* _Source data_
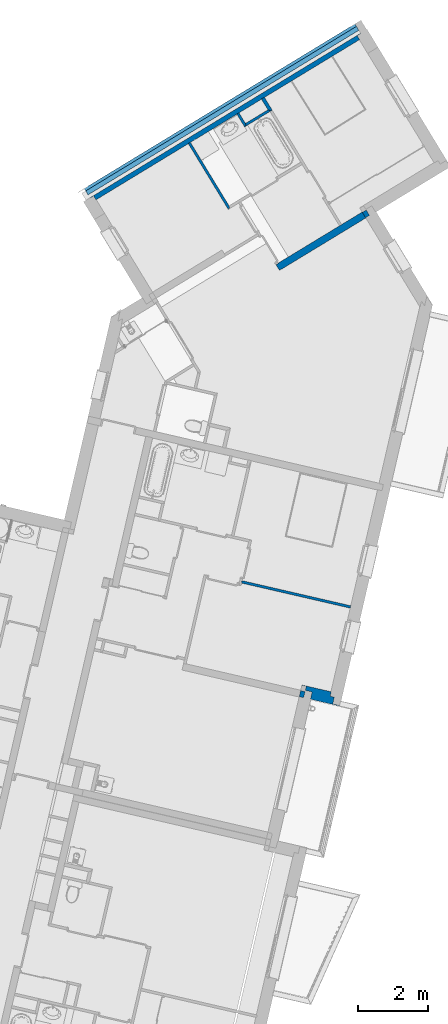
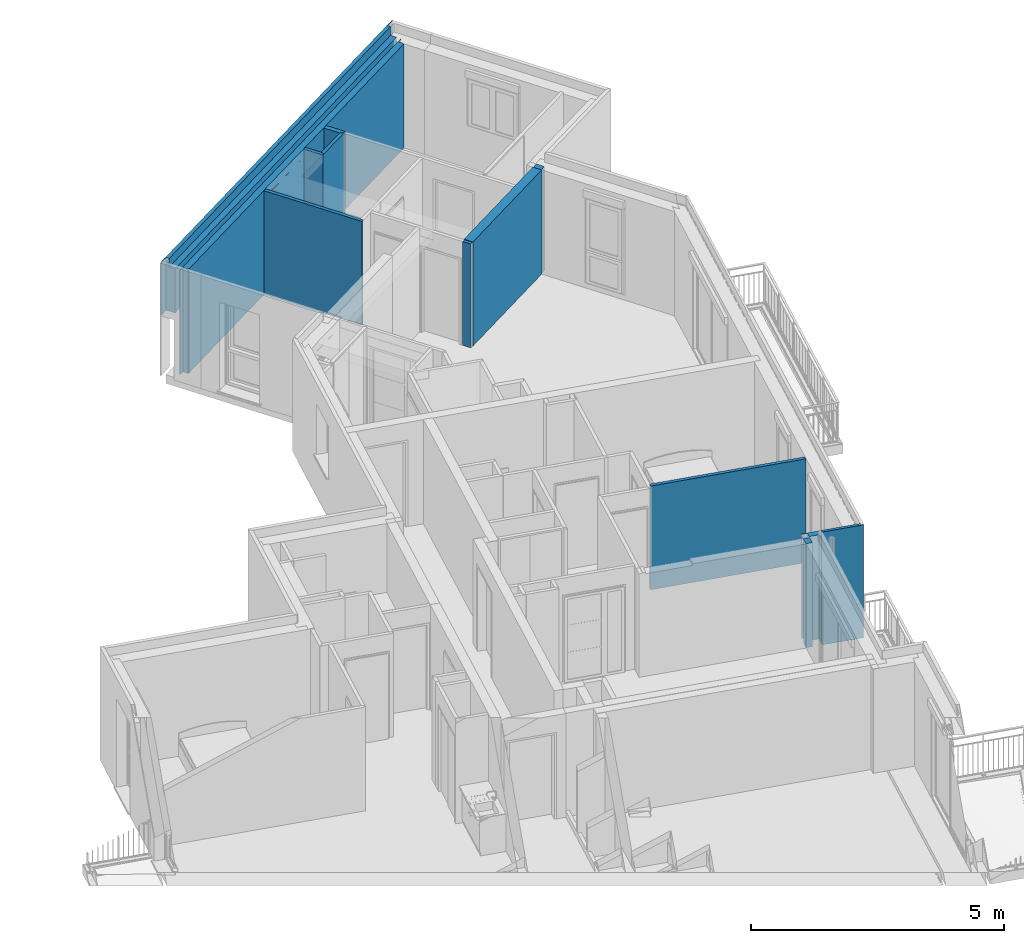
# One storey, part 55 of 90: 11 walls.
"""IFC2X3 building model written with IfcOpenShell, lengths in metres."""

import ifcopenshell
import ifcopenshell.guid

model = None  # the IFC model being written
_history = None  # IfcOwnerHistory: only IFC2X3 demands one
_inside = {}  # id of a spatial element -> (the spatial element, [elements in it])
_under = {}  # id of a project, library or spatial element -> (it, [spatial elements below it])
_declared = {}  # id of a project -> (the project, [libraries it declares])
_typed = {}  # id of a type object -> (the type object, [elements of that type])
_made_of = {}  # id of a material, layer set ... -> (it, [elements and type objects made of it])


def new_model(schema):
    """Start an empty IFC model of exactly this schema.

    Asked for "IFC4X3", IfcOpenShell would pick the latest addendum, in which some entities
    have other attributes; the version numbers below select the first issue.
    IFC2X3 requires an IfcOwnerHistory on every rooted entity: one is made here for all.
    """
    global model, _history
    if schema == "IFC4X3":
        model = ifcopenshell.file(schema_version=(4, 3, 0, 0))
    else:
        model = ifcopenshell.file(schema=schema)
    _inside.clear()
    _under.clear()
    _declared.clear()
    _typed.clear()
    _made_of.clear()
    _history = None
    if model.schema == "IFC2X3":
        org = make("IfcOrganization", Name="unknown")
        user = make(
            "IfcPersonAndOrganization",
            ThePerson=make("IfcPerson", FamilyName="unknown"),
            TheOrganization=org,
        )
        app = make(
            "IfcApplication",
            ApplicationDeveloper=org,
            Version="unknown",
            ApplicationFullName="unknown",
            ApplicationIdentifier="unknown",
        )
        _history = make(
            "IfcOwnerHistory",
            OwningUser=user,
            OwningApplication=app,
            ChangeAction="ADDED",
            CreationDate=0,
        )
    return model


def make(cls, **values):
    """One entity of the class cls with the attributes given. An attribute that is None is left unset."""
    return model.create_entity(
        cls, **{name: value for name, value in values.items() if value is not None}
    )


def entity(cls, *values):
    """Any entity or typed value of the class cls, its attributes in the order of the schema. None: left unset."""
    e = model.create_entity(cls)
    for i, value in enumerate(values):
        if value is not None:
            e[i] = value
    return e


def rooted(cls, **values):
    """An entity with a GlobalId (a new one), such as an element, a storey or a relation."""
    return make(cls, GlobalId=ifcopenshell.guid.new(), OwnerHistory=_history, **values)


def si_unit(unit_type, name, prefix=None):
    """IfcSIUnit, for example si_unit("LENGTHUNIT", "METRE", prefix="MILLI")."""
    return make("IfcSIUnit", UnitType=unit_type, Prefix=prefix, Name=name)


def converted_unit(unit_type, name, factor, base, dimensions=None, offset=None):
    """IfcConversionBasedUnit, such as the inch: factor (a typed value) times the base unit."""
    return make(
        "IfcConversionBasedUnit"
        if offset is None
        else "IfcConversionBasedUnitWithOffset",
        ConversionOffset=offset,
        Dimensions=None
        if dimensions is None
        else entity("IfcDimensionalExponents", *dimensions),
        UnitType=unit_type,
        Name=name,
        ConversionFactor=make(
            "IfcMeasureWithUnit", ValueComponent=factor, UnitComponent=base
        ),
    )


def derived_unit(unit_type, elements):
    """IfcDerivedUnit: a product of units, each with its exponent."""
    return make(
        "IfcDerivedUnit",
        Elements=[
            make("IfcDerivedUnitElement", Unit=unit, Exponent=power)
            for unit, power in elements
        ],
        UnitType=unit_type,
    )


def money_unit(currency):
    """IfcMonetaryUnit."""
    return make("IfcMonetaryUnit", Currency=currency)


def assignment(units):
    """IfcUnitAssignment: the units of a project."""
    return None if units is None else make("IfcUnitAssignment", Units=units)


def point(xyz):
    """IfcCartesianPoint."""
    return None if xyz is None else make("IfcCartesianPoint", Coordinates=xyz)


def direction(xyz):
    """IfcDirection."""
    return None if xyz is None else make("IfcDirection", DirectionRatios=xyz)


def frame(location, z_axis=None, x_axis=None):
    """IfcAxis2Placement3D, a coordinate frame: its origin and axes. An axis left out is left unset."""
    return make(
        "IfcAxis2Placement3D",
        Location=point(location),
        Axis=direction(z_axis),
        RefDirection=direction(x_axis),
    )


def origin_with_axes():
    """The frame at (0, 0, 0) with the z axis (0, 0, 1) and the x axis (1, 0, 0) written out."""
    return frame((0.0, 0.0, 0.0), z_axis=(0.0, 0.0, 1.0), x_axis=(1.0, 0.0, 0.0))


def place(relative_to, where):
    """IfcLocalPlacement: puts the frame where relative to a parent placement (None: the world)."""
    return make(
        "IfcLocalPlacement", PlacementRelTo=relative_to, RelativePlacement=where
    )


def context(
    kind, dimensions, precision=None, world=None, true_north=None, identifier=None
):
    """IfcGeometricRepresentationContext, for example the 3D "Model" context."""
    return make(
        "IfcGeometricRepresentationContext",
        ContextIdentifier=identifier,
        ContextType=kind,
        CoordinateSpaceDimension=dimensions,
        Precision=precision,
        WorldCoordinateSystem=world,
        TrueNorth=true_north,
    )


def subcontext(parent, identifier, kind, view, scale=None):
    """IfcGeometricRepresentationSubContext, for example "Body" below "Model"."""
    return make(
        "IfcGeometricRepresentationSubContext",
        ContextIdentifier=identifier,
        ContextType=kind,
        ParentContext=parent,
        TargetScale=scale,
        TargetView=view,
    )


def project(units=None, contexts=None):
    """IfcProject with its units and contexts."""
    return rooted(
        "IfcProject",
        Name="project",
        RepresentationContexts=contexts,
        UnitsInContext=assignment(units),
    )


def spatial(cls, under=None, at=None, **own):
    """A site, building, storey or space (cls), placed at a placement, below another one or the project."""
    s = rooted(cls, ObjectPlacement=at, **own)
    if under is not None:
        _under.setdefault(under.id(), (under, []))[1].append(s)
    return s


def faces_of(points, faces, orient=None, outer=None):
    """IfcFace entities. A face is a list of loops; a loop is a list of indices into points, from 0.

    orient and outer hold one flag for each loop. By default every Orientation is true, the
    first loop of a face is its IfcFaceOuterBound and the others are IfcFaceBound.
    """
    made = []
    for i, loops in enumerate(faces):
        bounds = []
        for j, loop in enumerate(loops):
            is_outer = j == 0 if outer is None else outer[i][j]
            bounds.append(
                make(
                    "IfcFaceOuterBound" if is_outer else "IfcFaceBound",
                    Bound=make("IfcPolyLoop", Polygon=[points[k] for k in loop]),
                    Orientation=True if orient is None else orient[i][j],
                )
            )
        made.append(make("IfcFace", Bounds=bounds))
    return made


def faceted_brep(points, faces, orient=None, outer=None, voids=None):
    """IfcFacetedBrep: a solid bounded by flat faces; with voids (closed shells), ...WithVoids."""
    shared = [point(p) for p in points]
    hull = make("IfcClosedShell", CfsFaces=faces_of(shared, faces, orient, outer))
    if voids is None:
        return make("IfcFacetedBrep", Outer=hull)
    return make(
        "IfcFacetedBrepWithVoids",
        Outer=hull,
        Voids=[
            make(cls, CfsFaces=faces_of(shared, fs, o, b)) for cls, fs, o, b in voids
        ],
    )


def shape(context_of_items, identifier, shape_type, items):
    """IfcShapeRepresentation: the items that make up one representation, for example the "Body"."""
    return make(
        "IfcShapeRepresentation",
        ContextOfItems=context_of_items,
        RepresentationIdentifier=identifier,
        RepresentationType=shape_type,
        Items=items,
    )


def material(Name=None, Category=None):
    """IfcMaterial."""
    return make("IfcMaterial", Name=Name, Category=Category)


def material_list(materials):
    """IfcMaterialList."""
    return make("IfcMaterialList", Materials=materials)


def made_of(thing, what):
    """Note that an element or type object is made of a material, layer set ...; save() writes the relation."""
    if what is not None:
        _made_of.setdefault(what.id(), (what, []))[1].append(thing)
    return thing


def type_object(cls, material=None, **own):
    """A type object (cls), such as IfcWallType, which elements share."""
    return made_of(rooted(cls, **own), material)


def element(
    cls,
    number,
    at=None,
    inside=None,
    cuts=None,
    type_object=None,
    material=None,
    context=None,
    identifier="Body",
    shape_type=None,
    held_by="IfcProductDefinitionShape",
    body=None,
    shapes=None,
    **own,
):
    """One element of the class cls, such as IfcWall. Its Tag is "e" and its number.

    at: its placement. inside: the storey or other place that contains it. cuts: it is an
    opening in that element (IfcRelVoidsElement). A single representation is given by context,
    identifier, shape_type and body (its items); several are given by shapes. held_by: the class
    of the entity that holds the representations. save() writes the other relations.
    """
    e = rooted(cls, Tag="e%d" % number, ObjectPlacement=at, **own)
    if body is not None:
        shapes = [shape(context, identifier, shape_type, body)]
    if shapes is not None:
        e.Representation = make(held_by, Representations=shapes)
    if inside is not None:
        _inside.setdefault(inside.id(), (inside, []))[1].append(e)
    if cuts is not None:
        rooted(
            "IfcRelVoidsElement", RelatingBuildingElement=cuts, RelatedOpeningElement=e
        )
    if type_object is not None:
        _typed.setdefault(type_object.id(), (type_object, []))[1].append(e)
    return made_of(e, material)


def aggregate(whole, parts):
    """IfcRelAggregates: a whole, such as a stair, and the parts it consists of."""
    return rooted("IfcRelAggregates", RelatingObject=whole, RelatedObjects=parts)


def save(model, path):
    """Write the relations noted so far, then the file.

    IfcRelAggregates (storeys below a building ...), IfcRelContainedInSpatialStructure (elements
    in a storey), IfcRelDefinesByType, IfcRelAssociatesMaterial and IfcRelDeclares: one each for
    every whole, place, type object, material and project.
    """
    for whole, parts in _under.values():
        aggregate(whole, parts)
    for where, things in _inside.values():
        rooted(
            "IfcRelContainedInSpatialStructure",
            RelatedElements=things,
            RelatingStructure=where,
        )
    for kind, things in _typed.values():
        rooted("IfcRelDefinesByType", RelatedObjects=things, RelatingType=kind)
    for what, things in _made_of.values():
        rooted("IfcRelAssociatesMaterial", RelatedObjects=things, RelatingMaterial=what)
    for by, libraries in _declared.values():
        rooted("IfcRelDeclares", RelatingContext=by, RelatedDefinitions=libraries)
    model.write(path)


model = new_model("IFC2X3")

# Units and contexts
model_context = context("Model", 3, precision=1e-05, world=origin_with_axes(), true_north=direction((0.0, 1.0)))
body_context = subcontext(model_context, "Body", "Model", "MODEL_VIEW")
ifc_project = project(units=[si_unit("LENGTHUNIT", "METRE"), si_unit("AREAUNIT", "SQUARE_METRE"), si_unit("VOLUMEUNIT", "CUBIC_METRE"), converted_unit("PLANEANGLEUNIT", "DEGREE", entity("IfcPlaneAngleMeasure", 0.0174532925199), si_unit("PLANEANGLEUNIT", "RADIAN"), dimensions=[0, 0, 0, 0, 0, 0, 0]), si_unit("SOLIDANGLEUNIT", "STERADIAN"), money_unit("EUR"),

* _Your instructions_
Wherever the line holding "x_axis=(1.0, 0.0, 0.0))" falls in the entries above, copy exactly from it through the line holding "points, from 0.", inclusive, and add nothing.

* _Answer box_
    return frame((0.0, 0.0, 0.0), z_axis=(0.0, 0.0, 1.0), x_axis=(1.0, 0.0, 0.0))


def place(relative_to, where):
    """IfcLocalPlacement: puts the frame where relative to a parent placement (None: the world)."""
    return make(
        "IfcLocalPlacement", PlacementRelTo=relative_to, RelativePlacement=where
    )


def context(
    kind, dimensions, precision=None, world=None, true_north=None, identifier=None
):
    """IfcGeometricRepresentationContext, for example the 3D "Model" context."""
    return make(
        "IfcGeometricRepresentationContext",
        ContextIdentifier=identifier,
        ContextType=kind,
        CoordinateSpaceDimension=dimensions,
        Precision=precision,
        WorldCoordinateSystem=world,
        TrueNorth=true_north,
    )


def subcontext(parent, identifier, kind, view, scale=None):
    """IfcGeometricRepresentationSubContext, for example "Body" below "Model"."""
    return make(
        "IfcGeometricRepresentationSubContext",
        ContextIdentifier=identifier,
        ContextType=kind,
        ParentContext=parent,
        TargetScale=scale,
        TargetView=view,
    )


def project(units=None, contexts=None):
    """IfcProject with its units and contexts."""
    return rooted(
        "IfcProject",
        Name="project",
        RepresentationContexts=contexts,
        UnitsInContext=assignment(units),
    )


def spatial(cls, under=None, at=None, **own):
    """A site, building, storey or space (cls), placed at a placement, below another one or the project."""
    s = rooted(cls, ObjectPlacement=at, **own)
    if under is not None:
        _under.setdefault(under.id(), (under, []))[1].append(s)
    return s


def faces_of(points, faces, orient=None, outer=None):
    """IfcFace entities. A face is a list of loops; a loop is a list of indices into points, from 0.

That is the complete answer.